KNP University, Ryan, and Lee are there, they're really super folks that have some great tools. Not just with Twig, but with Symphony and Drupal 8, a little plug for ChromaticHQ, a company I work for, we have a blog that we spend a lot of time curating and working with this sort of-- and writing about debriefing about the issues that we encounter in and of ourselves and we are working with Twig so be sure to check it out, and subscribe to our newsletter.

Finally, a really good way and probably the best way to level up your skills in Twig or anything is to go to a Sprint. We have a Sprint in this room tomorrow on Sunday. Anyone that wants to contribute or wants to check it out I would encourage everyone to join. I know the first time that I went to a Sprint, I was brand new Drupal and I felt like an impostor like I shouldn't have been there, but I would really recommend anyone that feels that way to just give it a try because people here are so kind in terms of getting people involved in the community, going through issue queue, and looking at different things.
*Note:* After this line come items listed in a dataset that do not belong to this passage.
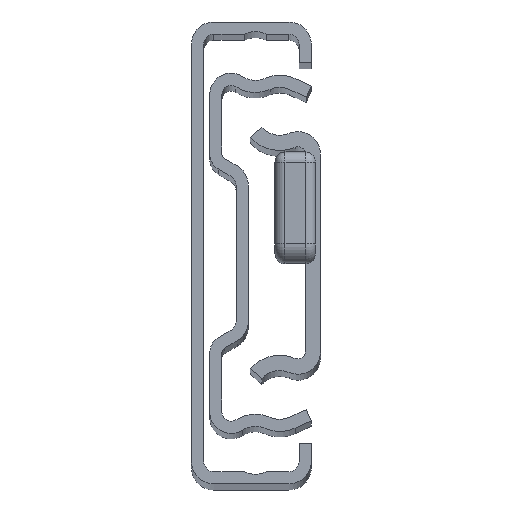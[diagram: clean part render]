
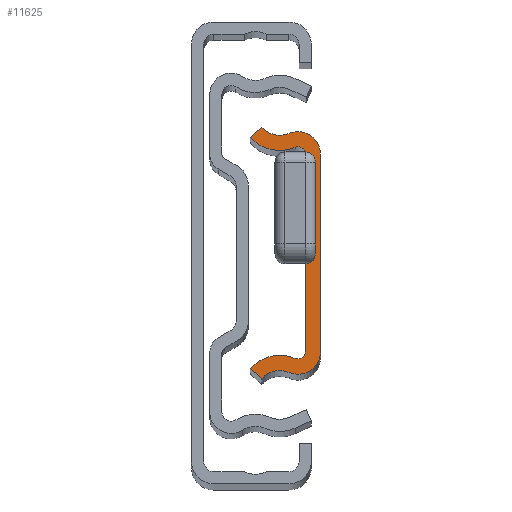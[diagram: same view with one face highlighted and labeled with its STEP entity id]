
A CAD part, top view. The second image highlights one B-rep face of the part: STEP entity #11625.
In plain terms, the highlighted planar face has unit normal (0, 0, 1).
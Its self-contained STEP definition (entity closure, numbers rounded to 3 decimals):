
#378 = DIRECTION ( 'NONE',  ( -1., 0., 0. ) ) ;
#608 = AXIS2_PLACEMENT_3D ( 'NONE', #6618, #24494, #17673 ) ;
#652 = EDGE_CURVE ( 'NONE', #8523, #18230, #12356, .T. ) ;
#987 = CARTESIAN_POINT ( 'NONE',  ( 1.95, 9.725, 0. ) ) ;
#1202 = DIRECTION ( 'NONE',  ( -1., 0., 0. ) ) ;
#1365 = DIRECTION ( 'NONE',  ( 0., 0., 1. ) ) ;
#1382 = AXIS2_PLACEMENT_3D ( 'NONE', #7457, #24561, #18215 ) ;
#1479 = EDGE_CURVE ( 'NONE', #26606, #12294, #14020, .T. ) ;
#1680 = CARTESIAN_POINT ( 'NONE',  ( -3.45, -11.377, 0. ) ) ;
#2091 = CARTESIAN_POINT ( 'NONE',  ( 0.36, 11.777, 0. ) ) ;
#2349 = ORIENTED_EDGE ( 'NONE', *, *, #16191, .T. ) ;
#3464 = CARTESIAN_POINT ( 'NONE',  ( 1.224, 9.725, 0. ) ) ;
#3621 = LINE ( 'NONE', #16909, #25447 ) ;
#4076 = DIRECTION ( 'NONE',  ( 0.745, -0.667, 0. ) ) ;
#4251 = DIRECTION ( 'NONE',  ( 1., 0., 0. ) ) ;
#4585 = DIRECTION ( 'NONE',  ( 0., 0., 1. ) ) ;
#4687 = CARTESIAN_POINT ( 'NONE',  ( -0.564, 13.97, 0. ) ) ;
#4975 = EDGE_CURVE ( 'NONE', #19529, #11442, #8716, .T. ) ;
#4999 = CARTESIAN_POINT ( 'NONE',  ( -3.45, 11.377, 0. ) ) ;
#5657 = DIRECTION ( 'NONE',  ( -1., 0., 0. ) ) ;
#5717 = AXIS2_PLACEMENT_3D ( 'NONE', #9816, #16203, #1202 ) ;
#5721 = CARTESIAN_POINT ( 'NONE',  ( 0.942, 10.394, 0. ) ) ;
#5909 = DIRECTION ( 'NONE',  ( 0., -1., 0. ) ) ;
#5977 = VERTEX_POINT ( 'NONE', #14393 ) ;
#6039 = CIRCLE ( 'NONE', #27412, 2.226 ) ;
#6492 = EDGE_CURVE ( 'NONE', #25246, #19529, #6039, .T. ) ;
#6528 = CARTESIAN_POINT ( 'NONE',  ( 3.45, 9.725, 0. ) ) ;
#6572 = ORIENTED_EDGE ( 'NONE', *, *, #18520, .T. ) ;
#6618 = CARTESIAN_POINT ( 'NONE',  ( -0.564, -13.97, 0. ) ) ;
#6712 = PLANE ( 'NONE',  #608 ) ;
#7102 = AXIS2_PLACEMENT_3D ( 'NONE', #9679, #18436, #20633 ) ;
#7457 = CARTESIAN_POINT ( 'NONE',  ( 1.224, 9.725, 0. ) ) ;
#7711 = ORIENTED_EDGE ( 'NONE', *, *, #15020, .T. ) ;
#7755 = CIRCLE ( 'NONE', #12661, 3.88 ) ;
#8019 = CARTESIAN_POINT ( 'NONE',  ( 1.95, -9.725, 0. ) ) ;
#8153 = ORIENTED_EDGE ( 'NONE', *, *, #26834, .T. ) ;
#8224 = ORIENTED_EDGE ( 'NONE', *, *, #1479, .T. ) ;
#8345 = CIRCLE ( 'NONE', #1382, 0.726 ) ;
#8346 = ORIENTED_EDGE ( 'NONE', *, *, #652, .T. ) ;
#8434 = CARTESIAN_POINT ( 'NONE',  ( 0.36, -11.777, 0. ) ) ;
#8523 = VERTEX_POINT ( 'NONE', #2091 ) ;
#8627 = CIRCLE ( 'NONE', #18283, 0.726 ) ;
#8716 = LINE ( 'NONE', #24725, #15874 ) ;
#9576 = CARTESIAN_POINT ( 'NONE',  ( -0.564, -13.97, 0. ) ) ;
#9679 = CARTESIAN_POINT ( 'NONE',  ( -0.564, -13.97, 0. ) ) ;
#9816 = CARTESIAN_POINT ( 'NONE',  ( -0.564, 13.97, 0. ) ) ;
#10150 = CARTESIAN_POINT ( 'NONE',  ( 3.45, -9.725, 0. ) ) ;
#10941 = EDGE_CURVE ( 'NONE', #11442, #8523, #21178, .T. ) ;
#11254 = ORIENTED_EDGE ( 'NONE', *, *, #4975, .T. ) ;
#11442 = VERTEX_POINT ( 'NONE', #6528 ) ;
#11601 = ORIENTED_EDGE ( 'NONE', *, *, #15105, .T. ) ;
#11625 = ADVANCED_FACE ( 'Face2', ( #14315 ), #6712, .T. ) ;
#11658 = DIRECTION ( 'NONE',  ( 0., 1., 0. ) ) ;
#11889 = CARTESIAN_POINT ( 'NONE',  ( 1.224, -9.725, 0. ) ) ;
#11939 = AXIS2_PLACEMENT_3D ( 'NONE', #3464, #18707, #5657 ) ;
#12075 = CIRCLE ( 'NONE', #20946, 3.88 ) ;
#12294 = VERTEX_POINT ( 'NONE', #17831 ) ;
#12356 = CIRCLE ( 'NONE', #5717, 2.38 ) ;
#12661 = AXIS2_PLACEMENT_3D ( 'NONE', #9576, #18141, #17554 ) ;
#12734 = ORIENTED_EDGE ( 'NONE', *, *, #6492, .T. ) ;
#12765 = VERTEX_POINT ( 'NONE', #987 ) ;
#13574 = VERTEX_POINT ( 'NONE', #5721 ) ;
#13953 = CIRCLE ( 'NONE', #7102, 2.38 ) ;
#14020 = LINE ( 'NONE', #1680, #18414 ) ;
#14315 = FACE_OUTER_BOUND ( 'NONE', #21728, .T. ) ;
#14393 = CARTESIAN_POINT ( 'NONE',  ( 0.942, -10.394, 0. ) ) ;
#15020 = EDGE_CURVE ( 'NONE', #16355, #13574, #12075, .T. ) ;
#15022 = VECTOR ( 'NONE', #5909, 1000. ) ;
#15105 = EDGE_CURVE ( 'NONE', #13574, #12765, #8345, .T. ) ;
#15694 = CARTESIAN_POINT ( 'NONE',  ( -2.333, 12.378, 0. ) ) ;
#15874 = VECTOR ( 'NONE', #11658, 1000. ) ;
#16191 = EDGE_CURVE ( 'NONE', #12294, #25246, #13953, .T. ) ;
#16203 = DIRECTION ( 'NONE',  ( 0., 0., -1. ) ) ;
#16355 = VERTEX_POINT ( 'NONE', #4999 ) ;
#16909 = CARTESIAN_POINT ( 'NONE',  ( -3.45, 11.377, 0. ) ) ;
#17554 = DIRECTION ( 'NONE',  ( 1., 0., 0. ) ) ;
#17673 = DIRECTION ( 'NONE',  ( 1., 0., 0. ) ) ;
#17831 = CARTESIAN_POINT ( 'NONE',  ( -2.333, -12.378, 0. ) ) ;
#18141 = DIRECTION ( 'NONE',  ( 0., 0., 1. ) ) ;
#18215 = DIRECTION ( 'NONE',  ( -1., 0., 0. ) ) ;
#18230 = VERTEX_POINT ( 'NONE', #15694 ) ;
#18283 = AXIS2_PLACEMENT_3D ( 'NONE', #28198, #23461, #4251 ) ;
#18414 = VECTOR ( 'NONE', #4076, 1000. ) ;
#18436 = DIRECTION ( 'NONE',  ( 0., 0., -1. ) ) ;
#18520 = EDGE_CURVE ( 'NONE', #18230, #16355, #3621, .T. ) ;
#18707 = DIRECTION ( 'NONE',  ( 0., 0., 1. ) ) ;
#19529 = VERTEX_POINT ( 'NONE', #10150 ) ;
#20278 = VERTEX_POINT ( 'NONE', #23689 ) ;
#20633 = DIRECTION ( 'NONE',  ( 1., 0., 0. ) ) ;
#20946 = AXIS2_PLACEMENT_3D ( 'NONE', #4687, #4585, #378 ) ;
#21178 = CIRCLE ( 'NONE', #11939, 2.226 ) ;
#21728 = EDGE_LOOP ( 'NONE', ( #2349, #12734, #11254, #25874, #8346, #6572, #7711, #11601, #24871, #24709, #8153, #8224 ) ) ;
#23461 = DIRECTION ( 'NONE',  ( 0., 0., -1. ) ) ;
#23689 = CARTESIAN_POINT ( 'NONE',  ( 1.95, -9.725, 0. ) ) ;
#23824 = EDGE_CURVE ( 'NONE', #20278, #5977, #8627, .T. ) ;
#24223 = CARTESIAN_POINT ( 'NONE',  ( -3.45, -11.377, 0. ) ) ;
#24494 = DIRECTION ( 'NONE',  ( 0., 0., 1. ) ) ;
#24561 = DIRECTION ( 'NONE',  ( 0., 0., -1. ) ) ;
#24610 = LINE ( 'NONE', #8019, #15022 ) ;
#24709 = ORIENTED_EDGE ( 'NONE', *, *, #23824, .T. ) ;
#24725 = CARTESIAN_POINT ( 'NONE',  ( 3.45, -9.725, 0. ) ) ;
#24871 = ORIENTED_EDGE ( 'NONE', *, *, #25644, .T. ) ;
#25246 = VERTEX_POINT ( 'NONE', #8434 ) ;
#25447 = VECTOR ( 'NONE', #25695, 1000. ) ;
#25644 = EDGE_CURVE ( 'NONE', #12765, #20278, #24610, .T. ) ;
#25695 = DIRECTION ( 'NONE',  ( -0.745, -0.667, 0. ) ) ;
#25874 = ORIENTED_EDGE ( 'NONE', *, *, #10941, .T. ) ;
#26606 = VERTEX_POINT ( 'NONE', #24223 ) ;
#26834 = EDGE_CURVE ( 'NONE', #5977, #26606, #7755, .T. ) ;
#27412 = AXIS2_PLACEMENT_3D ( 'NONE', #11889, #1365, #27432 ) ;
#27432 = DIRECTION ( 'NONE',  ( 1., 0., 0. ) ) ;
#28198 = CARTESIAN_POINT ( 'NONE',  ( 1.224, -9.725, 0. ) ) ;

Early on in my own career, I learned so much by finding mentors and finding people to help me, and a lot of them were from camps and conferences. Big shout out to the Sprints that are happening on Sunday and also throughout the conference. We have a bit of time for some questions and answers at the end. Thank you all for being attentive.

[applause]

Speaker: Do we have the URL for the slides again?

Larry: Yes. I notice it's not a great color there. The slides are up there. I notice that there are a couple of changes I've been making to those slides, the link will stay the same but the slide will be updated, I know there's one or two typos there.

Speaker: Hey, what was the [unintelligible 00:42:38] for the Twig filters that were special, so the field values, field label, reference entity, what was the name of that module?

Larry: It's--

Speaker: And why did I have to come to your talk to learn about it since you work for me? [laughter]

Larry: A little secret within the community, yes Twig field_value. I only discovered it earlier this year, so--

Speaker: Yes, good excuse.

[laughter]

Larry: It's been super good. We'll go through all of them, so it's right here?

Speaker: I have two hopefully really quick ones. On the first debug page, it was the list of all the templates and they all had asterisks except for one that had an X. Is that the one the template that's actually loading?

Larry: Yes.

Speaker: Okay, and then you used a loop.index0, and a loop.index later on. What's the difference between an index0 and index?

Larry: Okay, so let's find [unintelligible 00:43:29]. loop.index0, index0 is just the counter of the loop.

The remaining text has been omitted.